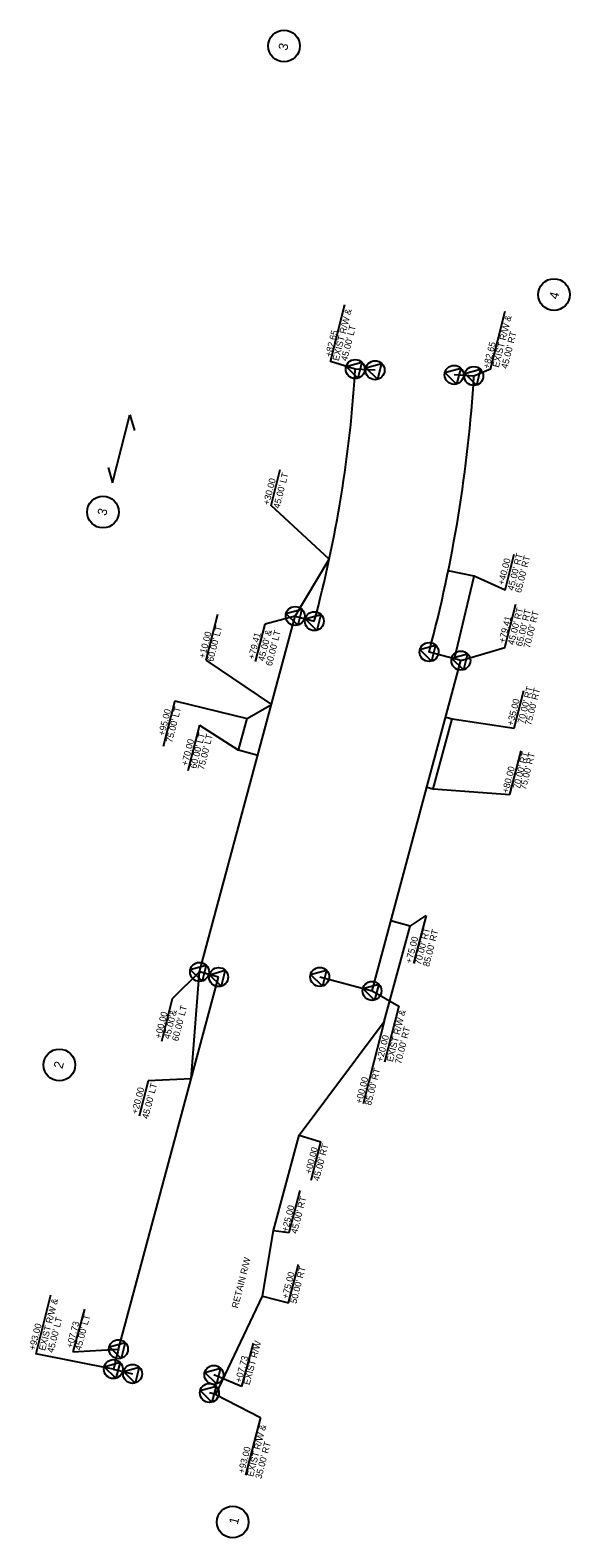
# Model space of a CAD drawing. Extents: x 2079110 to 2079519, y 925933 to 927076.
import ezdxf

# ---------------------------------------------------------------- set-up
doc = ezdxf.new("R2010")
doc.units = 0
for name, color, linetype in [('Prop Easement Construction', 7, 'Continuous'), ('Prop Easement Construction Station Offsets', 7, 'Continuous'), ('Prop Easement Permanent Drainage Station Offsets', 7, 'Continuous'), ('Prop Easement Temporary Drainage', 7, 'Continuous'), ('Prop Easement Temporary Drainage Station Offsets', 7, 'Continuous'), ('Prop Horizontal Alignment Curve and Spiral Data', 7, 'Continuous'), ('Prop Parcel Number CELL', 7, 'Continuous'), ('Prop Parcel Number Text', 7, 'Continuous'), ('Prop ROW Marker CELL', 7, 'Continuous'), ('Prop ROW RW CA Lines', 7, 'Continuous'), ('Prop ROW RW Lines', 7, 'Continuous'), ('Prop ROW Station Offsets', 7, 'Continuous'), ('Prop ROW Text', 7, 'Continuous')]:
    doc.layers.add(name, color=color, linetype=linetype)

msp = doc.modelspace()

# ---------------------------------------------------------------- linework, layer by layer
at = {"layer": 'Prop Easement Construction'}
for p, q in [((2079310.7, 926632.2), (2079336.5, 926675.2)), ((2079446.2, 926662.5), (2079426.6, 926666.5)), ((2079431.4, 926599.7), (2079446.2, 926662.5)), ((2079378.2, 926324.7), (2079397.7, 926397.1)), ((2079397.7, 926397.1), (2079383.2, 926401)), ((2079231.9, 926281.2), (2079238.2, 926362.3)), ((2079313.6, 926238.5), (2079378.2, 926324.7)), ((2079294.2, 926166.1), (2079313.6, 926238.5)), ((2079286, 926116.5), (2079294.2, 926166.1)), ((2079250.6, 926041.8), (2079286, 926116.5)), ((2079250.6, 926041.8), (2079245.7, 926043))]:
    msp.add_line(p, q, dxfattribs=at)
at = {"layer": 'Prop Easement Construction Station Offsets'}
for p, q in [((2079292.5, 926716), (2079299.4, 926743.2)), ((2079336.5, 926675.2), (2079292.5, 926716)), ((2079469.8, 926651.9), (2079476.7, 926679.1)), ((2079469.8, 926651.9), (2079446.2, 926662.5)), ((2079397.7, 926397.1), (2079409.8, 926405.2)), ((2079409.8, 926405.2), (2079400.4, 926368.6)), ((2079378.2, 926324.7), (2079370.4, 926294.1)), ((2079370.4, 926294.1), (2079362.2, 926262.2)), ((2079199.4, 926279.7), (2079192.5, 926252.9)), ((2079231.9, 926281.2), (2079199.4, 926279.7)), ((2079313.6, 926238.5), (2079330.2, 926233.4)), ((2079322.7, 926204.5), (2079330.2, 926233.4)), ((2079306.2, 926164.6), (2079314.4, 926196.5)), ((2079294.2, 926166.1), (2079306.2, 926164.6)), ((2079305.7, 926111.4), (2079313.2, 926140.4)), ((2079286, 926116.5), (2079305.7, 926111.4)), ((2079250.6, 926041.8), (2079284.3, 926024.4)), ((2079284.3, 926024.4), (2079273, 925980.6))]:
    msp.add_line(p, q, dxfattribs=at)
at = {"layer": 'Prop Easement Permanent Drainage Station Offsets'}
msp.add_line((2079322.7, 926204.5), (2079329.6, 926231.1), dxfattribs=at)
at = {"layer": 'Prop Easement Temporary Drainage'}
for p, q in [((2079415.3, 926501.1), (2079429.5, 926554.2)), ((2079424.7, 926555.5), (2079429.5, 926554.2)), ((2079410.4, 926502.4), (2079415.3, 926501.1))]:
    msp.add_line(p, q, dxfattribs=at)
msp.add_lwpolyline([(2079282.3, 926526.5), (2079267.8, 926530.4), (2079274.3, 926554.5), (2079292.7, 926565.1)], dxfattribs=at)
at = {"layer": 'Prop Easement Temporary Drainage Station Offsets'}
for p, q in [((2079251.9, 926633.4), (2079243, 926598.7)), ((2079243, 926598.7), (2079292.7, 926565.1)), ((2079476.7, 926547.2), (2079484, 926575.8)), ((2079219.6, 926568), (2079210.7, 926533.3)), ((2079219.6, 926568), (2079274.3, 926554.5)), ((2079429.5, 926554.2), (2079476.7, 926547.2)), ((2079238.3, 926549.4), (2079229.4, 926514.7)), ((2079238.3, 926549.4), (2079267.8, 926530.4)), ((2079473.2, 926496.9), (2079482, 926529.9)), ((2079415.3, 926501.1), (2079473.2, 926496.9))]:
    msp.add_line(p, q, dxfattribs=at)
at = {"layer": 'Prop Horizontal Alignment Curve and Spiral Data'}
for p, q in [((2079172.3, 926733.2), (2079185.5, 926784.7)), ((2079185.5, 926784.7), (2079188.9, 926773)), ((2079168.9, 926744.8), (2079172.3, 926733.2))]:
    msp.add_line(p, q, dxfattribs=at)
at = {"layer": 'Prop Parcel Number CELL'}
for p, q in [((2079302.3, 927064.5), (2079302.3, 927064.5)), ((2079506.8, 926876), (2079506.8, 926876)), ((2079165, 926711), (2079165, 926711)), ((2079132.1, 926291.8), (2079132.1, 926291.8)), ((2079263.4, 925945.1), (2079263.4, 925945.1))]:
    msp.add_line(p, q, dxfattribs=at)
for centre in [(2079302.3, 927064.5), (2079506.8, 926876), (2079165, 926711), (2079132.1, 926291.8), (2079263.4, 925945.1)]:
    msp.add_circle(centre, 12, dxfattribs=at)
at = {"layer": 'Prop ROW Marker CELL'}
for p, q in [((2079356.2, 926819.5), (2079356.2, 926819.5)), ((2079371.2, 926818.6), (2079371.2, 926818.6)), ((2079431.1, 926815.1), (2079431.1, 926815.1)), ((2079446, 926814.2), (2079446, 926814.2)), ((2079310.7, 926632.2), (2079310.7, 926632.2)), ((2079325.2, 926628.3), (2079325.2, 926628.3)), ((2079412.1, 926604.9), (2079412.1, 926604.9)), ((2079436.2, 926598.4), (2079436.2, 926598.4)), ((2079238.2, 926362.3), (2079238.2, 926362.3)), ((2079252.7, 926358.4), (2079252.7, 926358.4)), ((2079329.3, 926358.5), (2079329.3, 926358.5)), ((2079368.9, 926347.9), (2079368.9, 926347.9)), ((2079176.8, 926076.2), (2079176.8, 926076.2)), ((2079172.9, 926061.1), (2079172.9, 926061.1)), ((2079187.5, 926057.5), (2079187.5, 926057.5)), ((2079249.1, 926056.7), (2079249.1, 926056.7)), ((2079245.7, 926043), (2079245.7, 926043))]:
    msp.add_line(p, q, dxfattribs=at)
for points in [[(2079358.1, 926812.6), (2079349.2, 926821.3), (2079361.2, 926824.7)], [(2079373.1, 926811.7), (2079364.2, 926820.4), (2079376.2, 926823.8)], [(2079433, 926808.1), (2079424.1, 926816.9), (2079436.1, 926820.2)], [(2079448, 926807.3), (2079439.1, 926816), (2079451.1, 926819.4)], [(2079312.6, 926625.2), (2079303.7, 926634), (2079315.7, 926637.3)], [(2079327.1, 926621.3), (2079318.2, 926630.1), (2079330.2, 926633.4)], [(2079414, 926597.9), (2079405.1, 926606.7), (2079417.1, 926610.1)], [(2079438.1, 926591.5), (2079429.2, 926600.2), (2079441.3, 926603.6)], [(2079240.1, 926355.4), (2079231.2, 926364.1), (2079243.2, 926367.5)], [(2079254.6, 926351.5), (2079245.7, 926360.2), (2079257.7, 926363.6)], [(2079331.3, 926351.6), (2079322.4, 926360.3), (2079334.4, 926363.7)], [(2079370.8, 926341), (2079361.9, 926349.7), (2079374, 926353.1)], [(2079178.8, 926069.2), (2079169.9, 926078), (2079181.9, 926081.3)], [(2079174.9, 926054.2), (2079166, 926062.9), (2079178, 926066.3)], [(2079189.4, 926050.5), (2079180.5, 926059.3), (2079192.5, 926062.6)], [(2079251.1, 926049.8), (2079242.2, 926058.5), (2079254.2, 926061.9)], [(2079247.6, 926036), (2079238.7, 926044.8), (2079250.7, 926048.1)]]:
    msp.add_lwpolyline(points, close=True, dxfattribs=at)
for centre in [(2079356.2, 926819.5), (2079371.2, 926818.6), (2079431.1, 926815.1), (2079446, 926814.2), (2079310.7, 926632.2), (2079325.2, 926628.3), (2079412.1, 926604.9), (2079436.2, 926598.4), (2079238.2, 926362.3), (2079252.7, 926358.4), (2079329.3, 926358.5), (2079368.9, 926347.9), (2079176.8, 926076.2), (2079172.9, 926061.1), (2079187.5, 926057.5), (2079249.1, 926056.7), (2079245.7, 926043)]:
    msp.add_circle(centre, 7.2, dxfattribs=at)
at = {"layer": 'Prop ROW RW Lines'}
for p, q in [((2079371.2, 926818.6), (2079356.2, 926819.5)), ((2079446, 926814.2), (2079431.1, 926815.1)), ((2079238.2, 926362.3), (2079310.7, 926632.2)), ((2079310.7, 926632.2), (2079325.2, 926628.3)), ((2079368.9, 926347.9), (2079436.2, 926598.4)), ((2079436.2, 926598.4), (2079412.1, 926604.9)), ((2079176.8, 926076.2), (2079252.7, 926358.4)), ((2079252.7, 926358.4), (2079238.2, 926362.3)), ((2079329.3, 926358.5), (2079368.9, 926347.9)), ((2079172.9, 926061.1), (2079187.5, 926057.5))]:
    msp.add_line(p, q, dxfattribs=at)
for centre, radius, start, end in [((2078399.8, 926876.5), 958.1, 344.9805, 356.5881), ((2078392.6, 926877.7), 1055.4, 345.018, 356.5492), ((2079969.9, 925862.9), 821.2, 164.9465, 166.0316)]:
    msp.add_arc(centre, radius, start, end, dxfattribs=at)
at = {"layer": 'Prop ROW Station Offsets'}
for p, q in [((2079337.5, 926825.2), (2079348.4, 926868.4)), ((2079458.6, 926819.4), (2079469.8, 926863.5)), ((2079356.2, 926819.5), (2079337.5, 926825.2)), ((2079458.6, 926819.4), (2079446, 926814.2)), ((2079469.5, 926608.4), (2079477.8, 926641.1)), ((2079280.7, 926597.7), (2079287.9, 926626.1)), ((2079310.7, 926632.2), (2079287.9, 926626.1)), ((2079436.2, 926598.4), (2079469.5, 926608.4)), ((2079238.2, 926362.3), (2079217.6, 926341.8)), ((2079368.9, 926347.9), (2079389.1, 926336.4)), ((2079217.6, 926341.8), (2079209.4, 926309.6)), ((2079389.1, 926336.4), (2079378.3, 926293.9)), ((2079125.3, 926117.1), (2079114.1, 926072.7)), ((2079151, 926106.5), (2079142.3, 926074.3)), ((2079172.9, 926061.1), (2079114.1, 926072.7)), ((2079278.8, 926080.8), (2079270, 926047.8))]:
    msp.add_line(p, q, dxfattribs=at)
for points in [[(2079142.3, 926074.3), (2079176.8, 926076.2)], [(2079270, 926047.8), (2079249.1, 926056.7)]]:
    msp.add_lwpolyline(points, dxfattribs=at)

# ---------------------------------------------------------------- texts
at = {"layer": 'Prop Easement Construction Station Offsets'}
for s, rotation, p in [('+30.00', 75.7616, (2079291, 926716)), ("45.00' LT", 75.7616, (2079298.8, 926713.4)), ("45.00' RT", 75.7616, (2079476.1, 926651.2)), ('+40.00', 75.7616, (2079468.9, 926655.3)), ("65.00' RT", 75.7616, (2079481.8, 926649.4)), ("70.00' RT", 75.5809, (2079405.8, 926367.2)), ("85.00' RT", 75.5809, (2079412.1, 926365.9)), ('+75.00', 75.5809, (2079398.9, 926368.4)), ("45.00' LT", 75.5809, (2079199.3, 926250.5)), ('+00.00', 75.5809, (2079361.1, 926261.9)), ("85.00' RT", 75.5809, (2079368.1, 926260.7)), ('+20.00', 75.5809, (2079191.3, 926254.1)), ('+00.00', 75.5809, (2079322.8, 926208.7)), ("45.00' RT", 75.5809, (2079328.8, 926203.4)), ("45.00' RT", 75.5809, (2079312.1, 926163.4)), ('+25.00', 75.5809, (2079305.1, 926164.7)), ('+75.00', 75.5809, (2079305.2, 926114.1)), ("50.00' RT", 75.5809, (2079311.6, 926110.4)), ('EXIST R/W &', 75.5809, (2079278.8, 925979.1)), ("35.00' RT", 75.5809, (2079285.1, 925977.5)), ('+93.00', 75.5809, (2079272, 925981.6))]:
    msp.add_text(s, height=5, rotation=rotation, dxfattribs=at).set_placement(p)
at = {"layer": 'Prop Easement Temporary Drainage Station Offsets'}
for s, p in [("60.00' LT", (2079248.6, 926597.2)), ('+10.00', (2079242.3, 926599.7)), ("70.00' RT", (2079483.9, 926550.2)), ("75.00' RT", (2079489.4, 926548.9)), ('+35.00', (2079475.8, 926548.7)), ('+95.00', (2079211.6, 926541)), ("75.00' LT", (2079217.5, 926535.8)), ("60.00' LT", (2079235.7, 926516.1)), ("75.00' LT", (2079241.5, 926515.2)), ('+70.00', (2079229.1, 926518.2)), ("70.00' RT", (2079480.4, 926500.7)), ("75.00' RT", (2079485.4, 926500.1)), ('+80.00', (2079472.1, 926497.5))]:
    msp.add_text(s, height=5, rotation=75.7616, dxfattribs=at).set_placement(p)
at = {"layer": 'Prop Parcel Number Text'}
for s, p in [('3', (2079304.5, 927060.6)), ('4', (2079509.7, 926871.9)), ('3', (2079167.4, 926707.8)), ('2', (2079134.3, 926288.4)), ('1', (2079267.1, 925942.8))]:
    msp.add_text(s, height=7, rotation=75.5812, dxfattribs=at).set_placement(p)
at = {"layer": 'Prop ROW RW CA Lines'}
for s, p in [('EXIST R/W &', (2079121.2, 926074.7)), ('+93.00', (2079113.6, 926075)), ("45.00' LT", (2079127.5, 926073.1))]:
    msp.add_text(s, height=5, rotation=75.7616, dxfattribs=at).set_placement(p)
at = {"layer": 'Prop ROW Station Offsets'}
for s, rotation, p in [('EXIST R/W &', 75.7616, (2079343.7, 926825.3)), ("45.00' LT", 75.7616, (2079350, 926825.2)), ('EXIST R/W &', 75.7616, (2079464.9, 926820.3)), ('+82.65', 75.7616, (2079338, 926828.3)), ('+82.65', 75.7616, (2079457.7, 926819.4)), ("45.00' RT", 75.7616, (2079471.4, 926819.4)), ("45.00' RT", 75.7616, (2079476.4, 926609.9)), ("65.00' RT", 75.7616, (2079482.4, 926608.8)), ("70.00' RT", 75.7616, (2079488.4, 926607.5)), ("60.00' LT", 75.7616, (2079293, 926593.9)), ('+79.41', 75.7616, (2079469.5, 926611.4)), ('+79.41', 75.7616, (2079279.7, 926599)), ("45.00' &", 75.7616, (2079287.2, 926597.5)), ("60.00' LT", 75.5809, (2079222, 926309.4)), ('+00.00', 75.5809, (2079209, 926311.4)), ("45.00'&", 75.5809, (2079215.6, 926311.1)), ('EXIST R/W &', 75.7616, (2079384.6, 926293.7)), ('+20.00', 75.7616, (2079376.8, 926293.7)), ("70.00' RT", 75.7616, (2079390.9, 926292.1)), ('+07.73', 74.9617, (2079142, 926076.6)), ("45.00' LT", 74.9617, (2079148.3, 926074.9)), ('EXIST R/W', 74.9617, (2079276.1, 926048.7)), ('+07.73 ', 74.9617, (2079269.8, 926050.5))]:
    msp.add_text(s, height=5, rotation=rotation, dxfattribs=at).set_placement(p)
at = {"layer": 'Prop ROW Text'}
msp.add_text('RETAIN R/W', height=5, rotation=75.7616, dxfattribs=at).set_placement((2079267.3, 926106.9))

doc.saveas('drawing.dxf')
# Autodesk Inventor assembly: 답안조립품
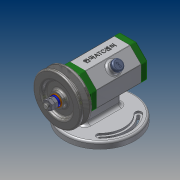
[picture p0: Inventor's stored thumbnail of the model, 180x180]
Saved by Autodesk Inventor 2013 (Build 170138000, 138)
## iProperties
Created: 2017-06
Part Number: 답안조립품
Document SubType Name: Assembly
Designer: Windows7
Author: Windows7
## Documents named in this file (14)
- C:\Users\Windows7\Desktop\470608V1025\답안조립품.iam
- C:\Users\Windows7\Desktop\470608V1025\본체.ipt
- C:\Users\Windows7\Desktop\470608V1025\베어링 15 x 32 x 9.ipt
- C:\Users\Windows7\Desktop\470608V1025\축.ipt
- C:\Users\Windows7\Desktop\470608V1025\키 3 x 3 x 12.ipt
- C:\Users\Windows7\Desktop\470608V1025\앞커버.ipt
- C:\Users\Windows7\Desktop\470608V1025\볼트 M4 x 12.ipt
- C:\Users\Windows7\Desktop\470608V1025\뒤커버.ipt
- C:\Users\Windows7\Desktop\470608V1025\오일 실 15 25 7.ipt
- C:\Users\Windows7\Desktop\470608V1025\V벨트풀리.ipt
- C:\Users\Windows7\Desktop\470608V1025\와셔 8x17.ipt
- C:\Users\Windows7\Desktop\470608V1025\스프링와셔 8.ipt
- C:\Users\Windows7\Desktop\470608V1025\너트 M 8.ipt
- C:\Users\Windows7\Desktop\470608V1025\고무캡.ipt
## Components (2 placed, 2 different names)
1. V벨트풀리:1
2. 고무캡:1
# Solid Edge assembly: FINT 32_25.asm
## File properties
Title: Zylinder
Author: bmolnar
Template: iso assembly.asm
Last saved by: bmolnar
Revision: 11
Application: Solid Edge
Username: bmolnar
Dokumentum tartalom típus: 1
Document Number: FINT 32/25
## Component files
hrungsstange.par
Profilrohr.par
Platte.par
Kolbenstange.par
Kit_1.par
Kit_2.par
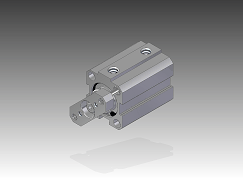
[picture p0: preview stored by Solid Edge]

━━━━━━

■ Problem requirements
Take the material above from the line bearing "# Autodesk Inventor assembly: 답안조립품" through the line bearing "- C:\Users\Windows7\Desktop\470608V1025\베어링 15" and write it out exactly, both end lines included. Pictures stay out.

■ Result
# Autodesk Inventor assembly: 답안조립품
[picture p0: Inventor's stored thumbnail of the model, 180x180]
Saved by Autodesk Inventor 2013 (Build 170138000, 138)
## iProperties
Created: 2017-06
Part Number: 답안조립품
Document SubType Name: Assembly
Designer: Windows7
Author: Windows7
## Documents named in this file (14)
- C:\Users\Windows7\Desktop\470608V1025\답안조립품.iam
- C:\Users\Windows7\Desktop\470608V1025\본체.ipt
- C:\Users\Windows7\Desktop\470608V1025\베어링 15 x 32 x 9.ipt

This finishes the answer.